Right. So obviously, this isn’t the most efficient way to spend your chicken-helping money. It didn’t take me very long to think of some alternatives: For example, you could couple all 1,150 hens off and buy each pair its own home. You could feed 367 chickens fancy organic food for an entire year.* You could feed 157 people the very fanciest, most coddled, free-rangest, organic-est eggs ever for a year. You could buy flocks of chicks for 2,500 farmers in the developing world through the charity Heifer International.

Don’t get me wrong—it’s not that I think that these soon-to-be-airborn hens don’t deserve a better life. They come from an undisclosed California battery cage egg operation, and as most people know by now, that is no picnic. Animal Place’s Marji Beach explained to me that once laying hens reach the age of about 18 months, their egg production slows, and it’s no longer economically feasible for egg operations to keep them around. The result is that each plant has to get rid of thousands of “spent” hens every year. What happens to those hens? In most cases, they don’t end up in your chicken soup broth, or even in your cat or dog’s food. That’s because most slaughterhouses don’t accept them—they have too little meat on their bones to turn a profit. Instead, egg producers often kill spent hens with highly concentrated carbon dioxide gas. (That probably costs far less than flying the hens across the country, but it doesn’t appeal to Animal Place, whose website urges visitors over and over again to go vegan.) 

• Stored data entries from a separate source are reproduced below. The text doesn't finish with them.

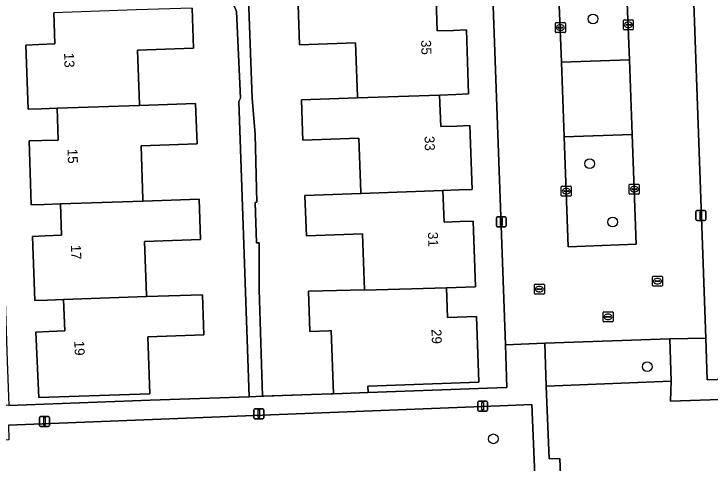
# Model space of a CAD drawing. Extents: x 161084 to 161928, y 385354 to 386522.
# Drawn here: x 161647.2 to 161717, y 386328.1 to 386373.2 of the extents above; entities that cross this region are included whole.
import ezdxf

# ---------------------------------------------------------------- set-up
doc = ezdxf.new("R2010")
doc.units = 0
for name, color, linetype in [('IMGEO_Boom', 7, 'Continuous'), ('IMGEO_Brandkraan', 7, 'Continuous'), ('IMGEO_Erf', 7, 'Continuous'), ('IMGEO_Groenvoorziening', 7, 'Continuous'), ('IMGEO_Kolk', 7, 'Continuous'), ('IMGEO_Lichtmast', 7, 'Continuous'), ('IMGEO_Muur', 7, 'Continuous'), ('IMGEO_Pand', 7, 'Continuous'), ('IMGEO_Pand_nummerreeks', 7, 'Continuous'), ('IMGEO_Parkeervlak_open', 7, 'Continuous'), ('IMGEO_Rijbaan_lokaal_open', 7, 'Continuous'), ('IMGEO_Rioolput', 7, 'Continuous'), ('IMGEO_Voetpad_open', 7, 'Continuous')]:
    doc.layers.add(name, color=color, linetype=linetype)

msp = doc.modelspace()

# ---------------------------------------------------------------- linework, layer by layer
at = {"layer": 'IMGEO_Boom'}
for centre in [(161705.243, 386372.729), (161704.895, 386358.196), (161707.213, 386352.331), (161710.675, 386337.816), (161695.252, 386330.574)]:
    msp.add_circle(centre, 0.489, dxfattribs=at)
at = {"layer": 'IMGEO_Brandkraan'}
for p, q in [((161706.32, 386343.321), (161707.172, 386343.321)), ((161706.245, 386342.395), (161706.245, 386343.247)), ((161706.504, 386342.815), (161706.504, 386342.827)), ((161706.942, 386342.778), (161706.544, 386342.778)), ((161706.547, 386342.864), (161706.945, 386342.864)), ((161706.733, 386343.101), (161706.758, 386343.101)), ((161706.988, 386342.827), (161706.988, 386342.815)), ((161707.246, 386343.247), (161707.246, 386342.395)), ((161707.172, 386342.321), (161706.32, 386342.321)), ((161706.756, 386342.541), (161706.731, 386342.541))]:
    msp.add_line(p, q, dxfattribs=at)
for points in [[(161706.32, 386343.321), (161707.172, 386343.321)], [(161706.245, 386342.395), (161706.245, 386343.247)], [(161707.246, 386343.247), (161707.246, 386342.395)], [(161707.172, 386342.321), (161706.32, 386342.321)]]:
    msp.add_lwpolyline(points, dxfattribs=at)
for centre, radius, start, end in [((161706.322, 386343.245), 0.0765, 91.55205, 178.44795), ((161706.322, 386343.245), 0.0765, 91.55205, 178.44795), ((161707.17, 386343.245), 0.0765, 1.55205, 88.44795), ((161707.17, 386343.245), 0.0765, 1.55205, 88.44795), ((161706.544, 386342.824), 0.0403, 85.87752, 175.75265), ((161706.541, 386342.814), 0.0366, 178.93798, 274.71019), ((161706.945, 386342.821), 0.043, 264.86636, 352.45326), ((161706.949, 386342.826), 0.0386, 1.73085, 96.63898), ((161706.322, 386342.397), 0.0765, 181.55205, 268.44795), ((161706.322, 386342.397), 0.0765, 181.55205, 268.44795), ((161707.17, 386342.397), 0.0765, 271.55205, 358.44795), ((161707.17, 386342.397), 0.0765, 271.55205, 358.44795)]:
    msp.add_arc(centre, radius, start, end, dxfattribs=at)
for centre, major_axis, ratio, start_param, end_param in [((161706.732, 386342.821), (-0.387, 0.002), 0.722429, 4.712389, 7.853982), ((161706.757, 386342.821), (-0.39, 0.002), 0.717154, 1.570796, 4.712389)]:
    msp.add_ellipse(centre, major_axis=major_axis, ratio=ratio, start_param=start_param, end_param=end_param, dxfattribs=at)
at = {"layer": 'IMGEO_Erf'}
for points in [[(161718.426, 386405.368), (161714.246, 386405.162), (161716.544, 386340.672), (161716.693, 386336.491), (161731.511, 386336.987)], [(161689.51, 386374.671), (161689.623, 386371.519), (161691.252, 386371.577), (161692.541, 386371.623), (161692.772, 386365.19), (161691.484, 386365.144), (161689.85, 386365.086), (161689.967, 386361.915), (161691.598, 386361.973), (161692.885, 386362.019), (161693.12, 386355.617), (161691.831, 386355.57), (161690.187, 386355.51), (161690.301, 386352.338), (161691.931, 386352.389), (161693.22, 386352.429), (161693.458, 386345.833), (161690.539, 386345.743), (161690.646, 386342.737), (161693.564, 386342.842), (161693.799, 386336.256), (161682.661, 386335.857), (161682.683, 386335.219), (161695.608, 386335.682), (161696.613, 386335.718), (161696.458, 386340.02), (161694.138, 386404.428)], [(161670.374, 386383.84), (161671.064, 386364.776), (161671.371, 386361.126), (161671.53, 386354.317), (161671.364, 386354.307), (161671.507, 386350.26), (161671.763, 386350.26), (161671.781, 386345.548), (161672.087, 386334.84), (161678.981, 386335.087), (161679.211, 386335.095), (161678.985, 386341.437), (161678.755, 386341.429), (161676.844, 386341.361), (161676.7, 386345.408), (161682.317, 386345.544), (161682.117, 386351.154), (161676.503, 386350.953), (161676.358, 386355.002), (161681.973, 386355.208), (161681.968, 386355.351), (161681.775, 386360.746), (161676.161, 386360.545), (161676.125, 386361.469), (161676.002, 386364.596), (161681.632, 386364.795), (161681.627, 386364.944), (161681.434, 386370.338), (161675.82, 386370.137), (161675.675, 386374.19)], [(161665.045, 386373.818), (161665.19, 386369.777), (161659.574, 386369.576), (161659.768, 386364.18), (161659.773, 386364.036), (161665.391, 386364.227), (161665.536, 386360.185), (161659.92, 386359.984), (161660.114, 386354.588), (161660.119, 386354.44), (161665.737, 386354.636), (161665.882, 386350.593), (161660.266, 386350.392), (161660.46, 386344.996), (161660.465, 386344.847), (161666.083, 386345.044), (161666.228, 386341.001), (161660.612, 386340.8), (161660.817, 386335.104), (161649.663, 386334.711), (161649.375, 386341.297), (161650.673, 386341.345), (161652.293, 386341.405), (161652.155, 386344.556), (161650.559, 386344.5), (161649.261, 386344.454), (161649.027, 386350.899), (161650.322, 386350.945), (161651.945, 386351.003), (161651.831, 386354.151), (161650.212, 386354.094), (161648.918, 386354.049), (161648.695, 386360.482), (161649.995, 386360.518), (161651.614, 386360.563), (161651.503, 386363.753), (161649.909, 386363.699), (161648.609, 386363.655), (161648.369, 386370.096), (161649.666, 386370.147), (161651.287, 386370.211), (161651.17, 386373.341)]]:
    msp.add_lwpolyline(points, dxfattribs=at)
msp.add_lwpolyline([(161669.497, 386373.487), (161669.194, 386374.194), (161668.159, 386403.534), (161663.979, 386403.39), (161644.315, 386402.713), (161646.505, 386338.361), (161646.656, 386333.93), (161660.841, 386334.438), (161670.779, 386334.793), (161669.719, 386364.437), (161669.901, 386364.767)], close=True, dxfattribs=at)
at = {"layer": 'IMGEO_Groenvoorziening'}
for points in [[(161708.175, 386386.566), (161701.338, 386386.414), (161702.094, 386368.384), (161708.908, 386368.631)], [(161702.362, 386360.894), (161702.758, 386349.86), (161709.571, 386350.102), (161709.176, 386361.133)], [(161713.072, 386336.352), (161712.93, 386340.597), (161700.393, 386340.17), (161700.558, 386335.87)], [(161770.443, 386331.912), (161771.946, 386331.948), (161771.741, 386335.293), (161766.755, 386335.169), (161766.729, 386336.162), (161712.996, 386334.367), (161713.072, 386336.352), (161700.558, 386335.87), (161700.839, 386328.558), (161701.918, 386328.595), (161702.136, 386322.917), (161737.195, 386324.733), (161770.615, 386326.464)], [(161699.109, 386334.013), (161696.69, 386333.925), (161646.639, 386331.937), (161646.674, 386330.47), (161610.96, 386329.563), (161611.214, 386322.838), (161609.73, 386322.75), (161609.873, 386318.297), (161667.929, 386321.203), (161700.638, 386322.84), (161700.48, 386326.968), (161699.417, 386326.93)]]:
    msp.add_lwpolyline(points, close=True, dxfattribs=at)
at = {"layer": 'IMGEO_Kolk'}
for p, q in [((161708.356, 386372.638), (161709.208, 386372.638)), ((161701.468, 386371.429), (161701.468, 386372.281)), ((161701.543, 386372.355), (161702.395, 386372.355)), ((161701.956, 386372.135), (161701.981, 386372.135)), ((161702.469, 386372.281), (161702.469, 386371.429)), ((161708.281, 386371.712), (161708.281, 386372.564)), ((161708.54, 386372.132), (161708.54, 386372.144)), ((161708.978, 386372.095), (161708.58, 386372.095)), ((161708.583, 386372.181), (161708.981, 386372.181)), ((161708.769, 386372.418), (161708.794, 386372.418)), ((161709.024, 386372.144), (161709.024, 386372.132)), ((161709.282, 386372.564), (161709.282, 386371.712)), ((161702.395, 386371.355), (161701.543, 386371.355)), ((161701.727, 386371.849), (161701.727, 386371.861)), ((161702.165, 386371.812), (161701.767, 386371.812)), ((161701.77, 386371.898), (161702.168, 386371.898)), ((161701.979, 386371.575), (161701.954, 386371.575)), ((161702.211, 386371.861), (161702.211, 386371.849)), ((161709.208, 386371.638), (161708.356, 386371.638)), ((161708.792, 386371.858), (161708.767, 386371.858)), ((161702.132, 386355.931), (161702.984, 386355.931)), ((161708.872, 386355.202), (161708.872, 386356.054)), ((161708.947, 386356.128), (161709.799, 386356.128)), ((161709.36, 386355.908), (161709.385, 386355.908)), ((161709.873, 386356.054), (161709.873, 386355.202)), ((161702.057, 386355.005), (161702.057, 386355.857)), ((161702.316, 386355.425), (161702.316, 386355.437)), ((161702.754, 386355.388), (161702.356, 386355.388)), ((161702.359, 386355.474), (161702.757, 386355.474)), ((161702.545, 386355.711), (161702.57, 386355.711)), ((161702.8, 386355.437), (161702.8, 386355.425)), ((161703.058, 386355.857), (161703.058, 386355.005)), ((161709.131, 386355.622), (161709.131, 386355.634)), ((161709.569, 386355.585), (161709.171, 386355.585)), ((161709.174, 386355.671), (161709.572, 386355.671)), ((161709.383, 386355.348), (161709.358, 386355.348)), ((161709.615, 386355.634), (161709.615, 386355.622)), ((161702.984, 386354.931), (161702.132, 386354.931)), ((161702.568, 386355.151), (161702.543, 386355.151)), ((161709.799, 386355.128), (161708.947, 386355.128))]:
    msp.add_line(p, q, dxfattribs=at)
for points in [[(161708.356, 386372.638), (161709.208, 386372.638)], [(161701.468, 386371.429), (161701.468, 386372.281)], [(161701.543, 386372.355), (161702.395, 386372.355)], [(161702.469, 386372.281), (161702.469, 386371.429)], [(161708.281, 386371.712), (161708.281, 386372.564)], [(161709.282, 386372.564), (161709.282, 386371.712)], [(161702.395, 386371.355), (161701.543, 386371.355)], [(161709.208, 386371.638), (161708.356, 386371.638)], [(161702.132, 386355.931), (161702.984, 386355.931)], [(161708.872, 386355.202), (161708.872, 386356.054)], [(161708.947, 386356.128), (161709.799, 386356.128)], [(161709.873, 386356.054), (161709.873, 386355.202)], [(161702.057, 386355.005), (161702.057, 386355.857)], [(161703.058, 386355.857), (161703.058, 386355.005)], [(161702.984, 386354.931), (161702.132, 386354.931)], [(161709.799, 386355.128), (161708.947, 386355.128)]]:
    msp.add_lwpolyline(points, dxfattribs=at)
for centre, radius, start, end in [((161708.358, 386372.562), 0.0765, 91.55205, 178.44795), ((161708.358, 386372.562), 0.0765, 91.55205, 178.44795), ((161709.206, 386372.562), 0.0765, 1.55205, 88.44795), ((161709.206, 386372.562), 0.0765, 1.55205, 88.44795), ((161701.545, 386372.279), 0.0765, 91.55205, 178.44795), ((161701.545, 386372.279), 0.0765, 91.55205, 178.44795), ((161702.393, 386372.279), 0.0765, 1.55205, 88.44795), ((161702.393, 386372.279), 0.0765, 1.55205, 88.44795), ((161708.58, 386372.141), 0.0403, 85.87752, 175.75265), ((161708.577, 386372.131), 0.0366, 178.93798, 274.71019), ((161708.981, 386372.138), 0.043, 264.86636, 352.45326), ((161708.985, 386372.143), 0.0386, 1.73085, 96.63898), ((161701.545, 386371.431), 0.0765, 181.55205, 268.44795), ((161701.545, 386371.431), 0.0765, 181.55205, 268.44795), ((161701.767, 386371.858), 0.0403, 85.87752, 175.75265), ((161701.764, 386371.848), 0.0366, 178.93798, 274.71019), ((161702.168, 386371.855), 0.043, 264.86636, 352.45326), ((161702.172, 386371.86), 0.0386, 1.73085, 96.63898), ((161702.393, 386371.431), 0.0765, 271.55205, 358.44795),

When a few other Mother Jones staffers and I heard about the spent-hens problem, it got us wondering: Has the world reached peak chicken? Considering the fact that Americans eat 79 billion eggs a year, that’s an awful lot of laying hens. And that’s to say nothing of the so-called broiler operations that make chickens for supermarket shelves and fast-food sandwiches and nuggets.

According to UC Davis professor and poultry expert Dr. Rodrigo Gallardo, there are a few reasons why the world is eating more chicken and eggs than ever these days. “If you think about several years ago, most people ate beef or pork because there was more availability and because it was cheaper,” Gallardo says. But chickens have become more attractive as options over time: they’re lean, they’ve been bred over time to produce more meat, and raising them takes up much less land than raising cows or pigs.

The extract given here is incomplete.